Although AJCC staging system provides prognostic information for melanoma patients to some extent [23], remarkable prognostic heterogeneity exists, and several clinical prognosis predicting tools have been established to improve predictive value [24], with limited effects obtained. In the present study, we firstly identified the DEGs based on two cohorts. Many of the critical genes lead to tumorigenesis or progression when there is differential expression due to mutation, amplification, or loss. Thus, we tried to establish a DEG-based RFS predicting signature. With the help of LASSO Cox regression analysis, a seven-gene-based RFS predicting signature was set up by which the melanoma patients were assigned into low and high risk, and K-M and ROC curve analyses provide the significance and stability of our signature. Further, multivariate analysis confirmed the independence of our signature from clinicopathological features, and it worked even better the clinical stage. We explored the potential mechanisms of how these DEG candidates influence the progression of melanoma patients. We calculated the Pearson correlation coefficient between the seven DEGs and the whole mRNA profile; then, the pathway enrichment analyses were to classify the function of these coexpressed genes. Interestingly, we found that these genes were significantly enriched in immune response-related pathways, such as T cell activation, regulation of lymphocyte activation, cytokine receptor activity, and immunoregulatory interactions, indicating immune responses potentially promote the progression of melanoma.

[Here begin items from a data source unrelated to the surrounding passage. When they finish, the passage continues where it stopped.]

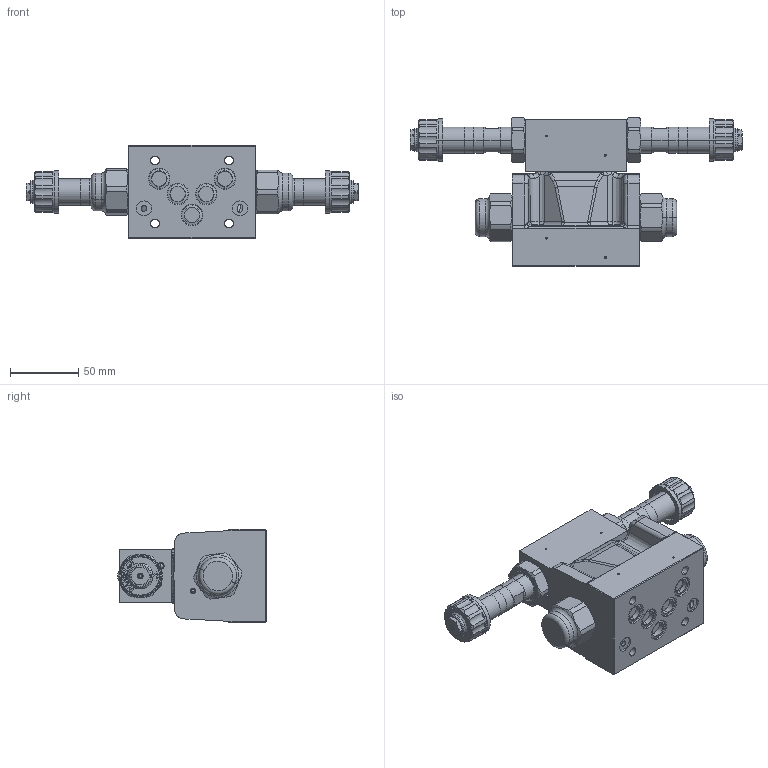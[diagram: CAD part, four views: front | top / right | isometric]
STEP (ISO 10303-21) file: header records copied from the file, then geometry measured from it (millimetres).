
FILE_DESCRIPTION (( 'STEP AP214' ), '1' );
FILE_NAME ('WDPFA10-4_3-ti_ae_xi_xe.STEP', '2017-06-15T07:55:56', ( '' ), ( '' ), 'SwSTEP 2.0', 'SolidWorks 2016', '' );
FILE_SCHEMA (( 'AUTOMOTIVE_DESIGN' ));
Length unit declared in the file: millimetre
Products named in the file (1): WDPFA10-4_3-ti_ae_xi_xe
Bounding box: 242.4 x 108.59 x 68 mm (x, y, z)
Volume: 563987.2 mm3; surface area: 87756.1 mm2
Topology: 11 solids, 22 shells, 1534 faces, 3704 edges, 2297 vertices
Faces by surface type: plane 582, cylinder 441, cone 257, bspline 167, torus 47, sphere 40
Entity records: 69077 total; most frequent: CARTESIAN_POINT 17663, ORIENTED_EDGE 7288, DIRECTION 6902, EDGE_CURVE 3644, AXIS2_PLACEMENT_3D 2540, VERTEX_POINT 2297, VECTOR 1822, LINE 1822

Melanoma is described as one of the most immunogenic tumors, and many studies have been devoted to exploring the relationship between tumorigenesis and immune system [25]. And the results suggested that immunomodulatory mechanisms have been revealed leading to immune resistance and immunosuppression by mediating the disorder of melanoma recognition and attack by immune cells, favoring tumorigenesis and progression. Studies also confirmed the correlation between the proliferation of melanoma cells and the activity defective immune system, while others described that the variability of the antigenic repertoire is a pivotal factor for the immunosurveillance and progression of melanoma [26, 27]. These findings provide therapeutic advantages to conquer the immune evasion.

In our study, we found two independent prognostic indicators, the seven-DEG-based signature, and the AJCC staging system. Recently, an online predicting website was established based on the big AJCC melanoma staging dataset for melanoma patients with localized disease [28], by which each patient could obtain their 1-, 2-, 5-, and 10-year survival with 95% confidential interval (95% CI). Increasing evidence suggests that molecular profiling will add additional information supporting to the staging and prognosis prediction of melanoma patients. Hence, attributing to an improved cognition of disease at molecular level, improvements in targeting therapies for metastatic melanoma patients are obtained [29-33]. Nevertheless, biomarkers for the diagnosis, prognosis prediction, and guidance of treatment for melanoma patients are still lacking. In our study, we analyzed the DEGs from two cohorts and overlapped the findings of the two cohorts to obtain a more accurate and convincing DEG cluster. The LASSO Cox regression analysis was used to choose the stable and effective candidates. Thus, the final model we established based on seven DEGs is able to discriminate the melanoma patients with high and low risk. The K-M and ROC curve analyses confirmed its application value. Besides, the multivariate analysis supports its independent role in predicting RFS of melanoma patients.

To sum up, the prognostic model we developed based on the seven DEGs is robust in RFS outcome prediction of melanoma, and it also serves as an independent prognostic indicator for melanoma prognosis. Our signature offers a complement to clinicians with RFS information and will help the organization of future individualized therapy. Further multicenter-based large-scale studies are necessary to verify these findings, promoting its clinical application.